Despite the peptide market’s rapid growth, much of the consumer-facing category still flows through loosely regulated online sellers, wellness clinics and compounding pharmacies, creating concerns around sourcing, transparency and product quality. Feel strives to differentiate itself through quality, transparency and accessibility. The company is launching with an annual membership model priced at several hundred dollars, aligning it more closely with the longevity and GLP-1 wellness economy than the traditional supplements market.
“I’ve never seen a category that has grown so fast.”
While Feel’s raw ingredients for bulk synthesis are sourced globally, primarily from India and China, it says all final products are synthesized and tested in California, distinguishing it from less transparent operators in the peptide space. Instead of shipping pre-mixed compounds that may lose potency over time, Feel ships injectable products as lyophilized powders that customers combine with bacteriostatic water, commonly known as “bac water” among peptide enthusiasts, immediately before injection to maximize freshness.
Targeting customers ages 30 to 55, Feel is attempting to bridge what Brudzewski sees as a major consumer education gap around peptides through content and community-building. The company plans to launch an educational podcast called “Peptides” and secured the Instagram handle @peptides, where it intends to share interviews with scientists and doctors specializing in peptides, longevity and wellness. To stoke brand awareness, Feel will be introducing an affiliate program with influencers and celebrities as well.

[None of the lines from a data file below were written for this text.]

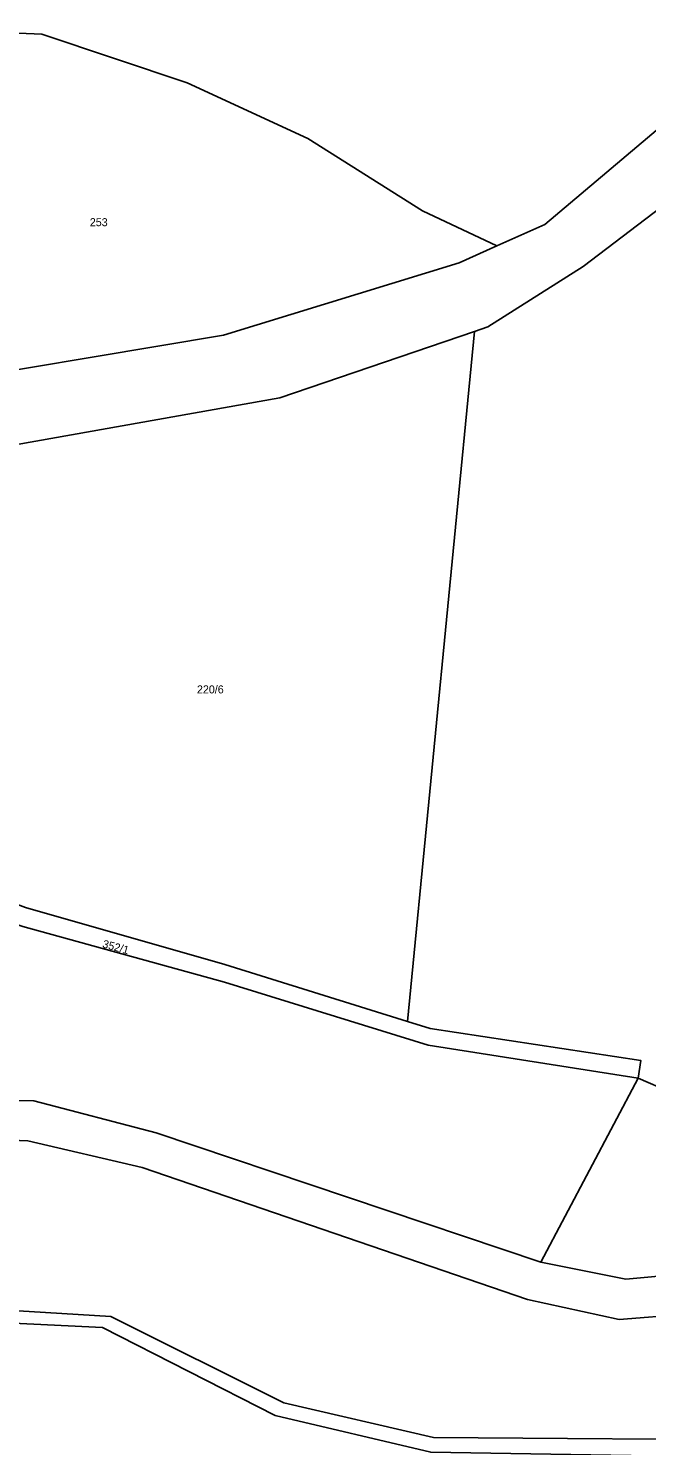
# Model space of a CAD drawing. Extents: x -880531 to -877616, y -1023932 to -1021350.
# Drawn here: x -878561.2 to -878429.8, y -1022509.8 to -1022208.6 of the extents above; entities that cross this region are included whole.
import ezdxf

# ---------------------------------------------------------------- set-up
doc = ezdxf.new("R2010")
doc.units = 0
doc.layers.add('Hranice parcel', color=7, linetype='Continuous')
doc.layers.add('Parcelní čísla', color=7, linetype='Continuous')

msp = doc.modelspace()

# ---------------------------------------------------------------- linework, layer by layer
at = {"layer": 'Hranice parcel'}
for p, q in [((-878466.42, -1022273.02), (-878480.63, -1022419.65)), ((-878452.29, -1022470.77), (-878431.64, -1022431.71))]:
    msp.add_line(p, q, dxfattribs=at)
for points in [[(-878461.63, -1022254.79), (-878477.42, -1022247.38), (-878501.8, -1022232.02), (-878527.45, -1022220.17), (-878558.36, -1022209.87), (-878586.62, -1022208.6)], [(-878421.01, -1022224.59), (-878451.48, -1022250.3), (-878461.63, -1022254.79)], [(-878410.12, -1022233.98), (-878443.28, -1022259.18), (-878463.58, -1022272.05), (-878466.42, -1022273.02)], [(-878589.21, -1022285.43), (-878519.72, -1022273.83), (-878469.66, -1022258.46), (-878461.63, -1022254.79)], [(-878466.42, -1022273.02), (-878507.75, -1022287.12), (-878585.67, -1022300.91), (-878609.56, -1022306.45)], [(-878198.58, -1022353.06), (-878224.68, -1022365.84), (-878269.45, -1022378.84), (-878294.97, -1022391.21), (-878316.58, -1022407.71), (-878347.44, -1022428.86), (-878371.72, -1022441.17), (-878390.58, -1022443.68), (-878411.01, -1022440.6), (-878431.64, -1022431.71)], [(-878575.47, -1022390.32), (-878561.81, -1022395.45), (-878519.45, -1022407.53), (-878480.63, -1022419.65)], [(-878431.64, -1022431.71), (-878476.27, -1022424.65), (-878519.53, -1022411.25), (-878562.4, -1022399.42), (-878575.9, -1022394.81)], [(-878480.63, -1022419.65), (-878475.82, -1022421.15), (-878431.02, -1022427.93), (-878431.64, -1022431.71)], [(-878452.29, -1022470.77), (-878434.2, -1022474.39), (-878410.19, -1022472.17), (-878361.38, -1022456.95), (-878336.49, -1022449.29), (-878323.26, -1022446.51), (-878300.76, -1022445.25), (-878207.33, -1022443.11), (-878169.2, -1022442.13), (-878154.71, -1022440.73), (-878108.69, -1022433.47)], [(-878779.59, -1022496.84), (-878759.93, -1022509.12), (-878743.95, -1022508.49), (-878730.15, -1022504.28), (-878711.96, -1022492.47), (-878672.55, -1022459.82), (-878657.85, -1022450.75), (-878638.42, -1022445.65), (-878606.87, -1022440.92), (-878579.56, -1022436.07), (-878560.03, -1022436.51), (-878534.07, -1022443.31), (-878452.29, -1022470.77)], [(-878108.11, -1022440.58), (-878152.15, -1022446.77), (-878167.86, -1022449.63), (-878217.16, -1022451.24), (-878301.33, -1022453.9), (-878333.67, -1022456.67), (-878366.21, -1022467.52), (-878407.13, -1022480.7), (-878435.64, -1022482.95), (-878455.12, -1022478.73), (-878537.04, -1022450.63), (-878561.34, -1022444.97), (-878578.99, -1022444.28), (-878605.69, -1022449.33), (-878637.81, -1022454.4), (-878653.86, -1022459.64), (-878669.06, -1022467.56), (-878706.56, -1022499.73), (-878724.15, -1022512.39), (-878736.44, -1022518.55), (-878757.9, -1022522.41)], [(-878757.9, -1022522.41), (-878743.38, -1022532.72), (-878730.23, -1022539.4), (-878709.85, -1022535.98), (-878694.32, -1022525.35), (-878670.27, -1022495.13), (-878649.48, -1022475.44), (-878635.27, -1022470.68), (-878614.41, -1022478.04), (-878543.73, -1022482.35), (-878506.92, -1022500.7), (-878475.11, -1022508.02), (-878399.08, -1022508.59), (-878373.94, -1022502.74), (-878346.19, -1022490.2), (-878334.94, -1022490.41), (-878279.22, -1022499.74), (-878220.51, -1022507.42), (-878194.43, -1022507.39), (-878145.84, -1022503.8), (-878124.82, -1022500.78)], [(-878125.35, -1022504.99), (-878146.35, -1022507.21), (-878194.02, -1022510.96), (-878220.76, -1022511.05), (-878280.27, -1022503.97), (-878335.4, -1022493.58), (-878344.86, -1022493.55), (-878371.73, -1022505.4), (-878399.1, -1022512.43), (-878475.7, -1022511.16), (-878508.77, -1022503.35), (-878545.47, -1022484.68), (-878615.6, -1022481.24), (-878635.5, -1022474.3), (-878648.14, -1022478.45), (-878668.08, -1022496.96), (-878691.68, -1022527.88), (-878708.19, -1022539.68), (-878731.2, -1022543.61), (-878748.07, -1022535.1), (-878763.51, -1022523.14)]]:
    msp.add_lwpolyline(points, dxfattribs=at)

# ---------------------------------------------------------------- texts
at = {"layer": 'Parcelní čísla'}
for s, p in [('253', (-878548.16, -1022250.64)), ('220/6', (-878525.39, -1022349.92))]:
    msp.add_text(s, height=1.7, dxfattribs=at).set_placement(p)
msp.add_text('352/1', height=1.7, rotation=345, dxfattribs=at).set_placement((-878545.599, -1022403.891))

doc.saveas('drawing.dxf')

Additionally, Feel plans to host “Feeled Trips” at wellness resorts around the world, bringing together doctors, athletes, brand partners and customers for wellness experiences and educational programming. Feel wants to cultivate an authoritative voice within the rapidly expanding peptide ecosystem rather than rely on overtly sales-driven marketing.
Before Feel, Brudzewski, a former professional hockey player, worked in healthcare sales at Pfizer and Stryker and co-founded music merchandise company Top Drawer Merch. After suffering a bulging disc in his neck in 2025, he says a peptide protocol involving KPV, BPC and thymosin peptides provided “unbelievable relief” within weeks and convinced him peptides represented the future of wellness.
At Feel, his goal is to elevate the branding in a peptides market he argues has been dominated by faceless companies marketing “a picture of a vial.” The company’s marketing emphasizes simple, emotional benefits through slogans such as “Feel energy, feel youth, feel balance, feel science, feel something.”